• **EXERCISE REQUIREMENTS**
What is needed is an exact copy of every entry, without the pictures.

• **DATA PROVIDED**
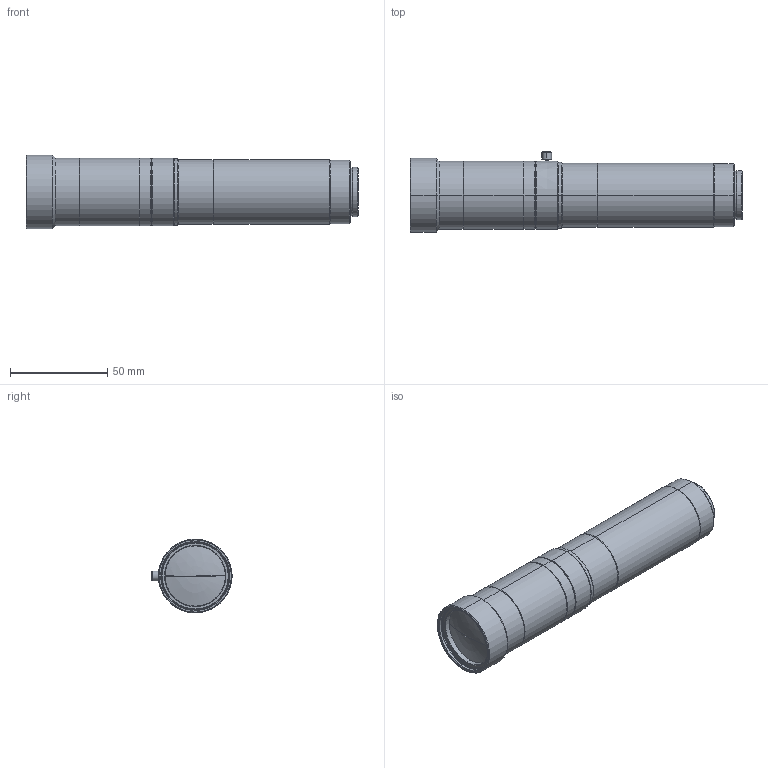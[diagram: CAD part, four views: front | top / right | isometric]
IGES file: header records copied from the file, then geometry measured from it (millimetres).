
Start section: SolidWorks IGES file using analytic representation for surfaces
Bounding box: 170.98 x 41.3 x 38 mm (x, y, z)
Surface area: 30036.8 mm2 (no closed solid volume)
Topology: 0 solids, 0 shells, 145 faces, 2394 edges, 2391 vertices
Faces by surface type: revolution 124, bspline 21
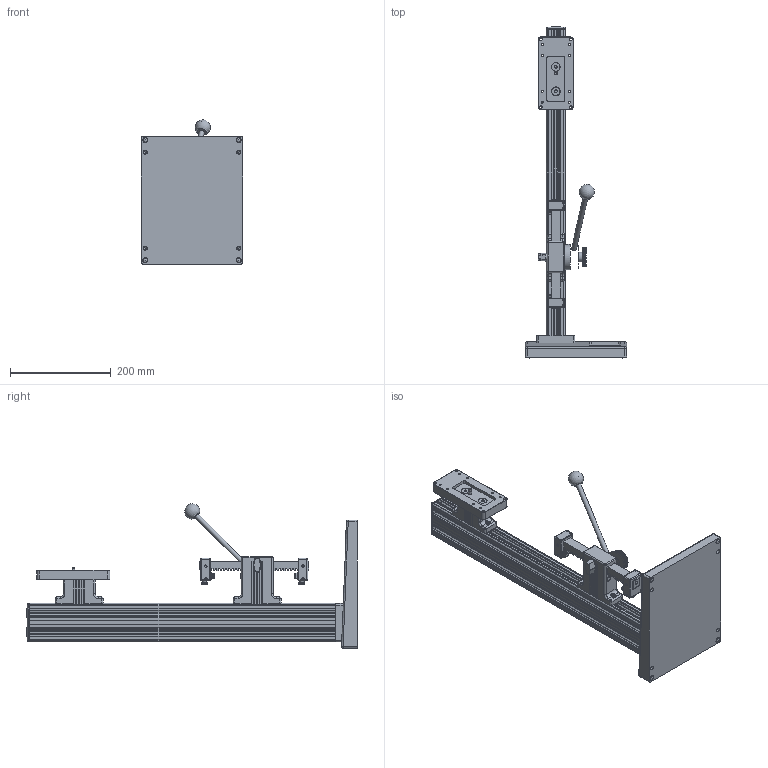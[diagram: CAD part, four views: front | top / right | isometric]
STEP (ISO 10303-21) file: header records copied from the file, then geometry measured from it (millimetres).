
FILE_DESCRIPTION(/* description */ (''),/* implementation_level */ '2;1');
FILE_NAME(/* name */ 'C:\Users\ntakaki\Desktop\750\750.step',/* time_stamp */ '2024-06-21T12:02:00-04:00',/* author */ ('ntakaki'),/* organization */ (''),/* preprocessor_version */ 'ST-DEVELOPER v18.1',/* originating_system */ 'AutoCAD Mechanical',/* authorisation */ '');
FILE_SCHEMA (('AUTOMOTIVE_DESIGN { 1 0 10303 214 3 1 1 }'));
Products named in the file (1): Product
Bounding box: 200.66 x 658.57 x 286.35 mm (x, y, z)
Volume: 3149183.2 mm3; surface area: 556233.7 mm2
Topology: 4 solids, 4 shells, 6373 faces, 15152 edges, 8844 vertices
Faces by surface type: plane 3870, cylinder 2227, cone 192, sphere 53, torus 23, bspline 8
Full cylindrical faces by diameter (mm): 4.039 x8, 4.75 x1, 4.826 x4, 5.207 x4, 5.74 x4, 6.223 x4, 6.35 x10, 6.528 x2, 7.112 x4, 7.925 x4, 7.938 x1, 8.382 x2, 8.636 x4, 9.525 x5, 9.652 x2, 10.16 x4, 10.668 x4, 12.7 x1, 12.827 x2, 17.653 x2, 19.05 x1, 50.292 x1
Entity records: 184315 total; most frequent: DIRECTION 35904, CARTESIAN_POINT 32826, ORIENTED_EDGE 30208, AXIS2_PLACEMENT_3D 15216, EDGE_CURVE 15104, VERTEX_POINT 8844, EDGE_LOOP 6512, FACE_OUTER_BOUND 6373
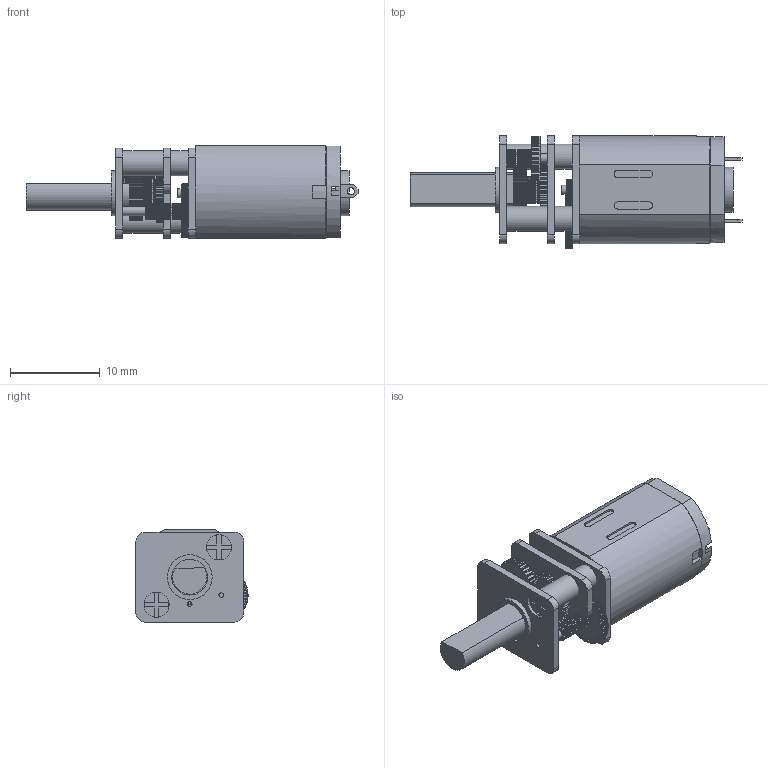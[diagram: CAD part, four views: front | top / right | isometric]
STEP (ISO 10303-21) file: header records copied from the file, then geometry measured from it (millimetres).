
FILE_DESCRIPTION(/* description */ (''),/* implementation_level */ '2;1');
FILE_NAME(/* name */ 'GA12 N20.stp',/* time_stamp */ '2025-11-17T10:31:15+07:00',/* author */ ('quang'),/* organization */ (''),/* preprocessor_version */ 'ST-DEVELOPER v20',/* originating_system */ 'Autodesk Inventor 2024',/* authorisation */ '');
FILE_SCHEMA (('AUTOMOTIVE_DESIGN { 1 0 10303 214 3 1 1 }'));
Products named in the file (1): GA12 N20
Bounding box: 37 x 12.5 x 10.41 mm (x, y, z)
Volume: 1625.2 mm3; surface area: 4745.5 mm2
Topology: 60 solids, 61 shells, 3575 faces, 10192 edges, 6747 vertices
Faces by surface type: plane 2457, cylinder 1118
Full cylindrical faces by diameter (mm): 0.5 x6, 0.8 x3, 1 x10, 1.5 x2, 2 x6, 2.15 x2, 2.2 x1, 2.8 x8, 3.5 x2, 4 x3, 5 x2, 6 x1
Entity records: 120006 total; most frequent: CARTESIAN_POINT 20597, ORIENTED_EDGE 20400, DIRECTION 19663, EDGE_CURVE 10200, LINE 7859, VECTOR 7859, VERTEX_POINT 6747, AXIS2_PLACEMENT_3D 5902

• **RESULT OF THE TASK**
[diagram: CAD part, four views: front | top / right | isometric]
IGES file: header records copied from the file, then geometry measured from it (millimetres).
Start section: SolidWorks IGES file using analytic representation for surfaces
Bounding box: 170.98 x 41.3 x 38 mm (x, y, z)
Surface area: 30036.8 mm2 (no closed solid volume)
Topology: 0 solids, 0 shells, 145 faces, 2394 edges, 2391 vertices
Faces by surface type: revolution 124, bspline 21
[diagram: CAD part, four views: front | top / right | isometric]
STEP (ISO 10303-21) file: header records copied from the file, then geometry measured from it (millimetres).
FILE_DESCRIPTION(/* description */ (''),/* implementation_level */ '2;1');
FILE_NAME(/* name */ 'C:\Users\ntakaki\Desktop\750\750.step',/* time_stamp */ '2024-06-21T12:02:00-04:00',/* author */ ('ntakaki'),/* organization */ (''),/* preprocessor_version */ 'ST-DEVELOPER v18.1',/* originating_system */ 'AutoCAD Mechanical',/* authorisation */ '');
FILE_SCHEMA (('AUTOMOTIVE_DESIGN { 1 0 10303 214 3 1 1 }'));
Products named in the file (1): Product
Bounding box: 200.66 x 658.57 x 286.35 mm (x, y, z)
Volume: 3149183.2 mm3; surface area: 556233.7 mm2
Topology: 4 solids, 4 shells, 6373 faces, 15152 edges, 8844 vertices
Faces by surface type: plane 3870, cylinder 2227, cone 192, sphere 53, torus 23, bspline 8
Full cylindrical faces by diameter (mm): 4.039 x8, 4.75 x1, 4.826 x4, 5.207 x4, 5.74 x4, 6.223 x4, 6.35 x10, 6.528 x2, 7.112 x4, 7.925 x4, 7.938 x1, 8.382 x2, 8.636 x4, 9.525 x5, 9.652 x2, 10.16 x4, 10.668 x4, 12.7 x1, 12.827 x2, 17.653 x2, 19.05 x1, 50.292 x1
Entity records: 184315 total; most frequent: DIRECTION 35904, CARTESIAN_POINT 32826, ORIENTED_EDGE 30208, AXIS2_PLACEMENT_3D 15216, EDGE_CURVE 15104, VERTEX_POINT 8844, EDGE_LOOP 6512, FACE_OUTER_BOUND 6373
[diagram: CAD part, four views: front | top / right | isometric]
STEP (ISO 10303-21) file: header records copied from the file, then geometry measured from it (millimetres).
FILE_DESCRIPTION(/* description */ (''),/* implementation_level */ '2;1');
FILE_NAME(/* name */ 'GA12 N20.stp',/* time_stamp */ '2025-11-17T10:31:15+07:00',/* author */ ('quang'),/* organization */ (''),/* preprocessor_version */ 'ST-DEVELOPER v20',/* originating_system */ 'Autodesk Inventor 2024',/* authorisation */ '');
FILE_SCHEMA (('AUTOMOTIVE_DESIGN { 1 0 10303 214 3 1 1 }'));
Products named in the file (1): GA12 N20
Bounding box: 37 x 12.5 x 10.41 mm (x, y, z)
Volume: 1625.2 mm3; surface area: 4745.5 mm2
Topology: 60 solids, 61 shells, 3575 faces, 10192 edges, 6747 vertices
Faces by surface type: plane 2457, cylinder 1118
Full cylindrical faces by diameter (mm): 0.5 x6, 0.8 x3, 1 x10, 1.5 x2, 2 x6, 2.15 x2, 2.2 x1, 2.8 x8, 3.5 x2, 4 x3, 5 x2, 6 x1
Entity records: 120006 total; most frequent: CARTESIAN_POINT 20597, ORIENTED_EDGE 20400, DIRECTION 19663, EDGE_CURVE 10200, LINE 7859, VECTOR 7859, VERTEX_POINT 6747, AXIS2_PLACEMENT_3D 5902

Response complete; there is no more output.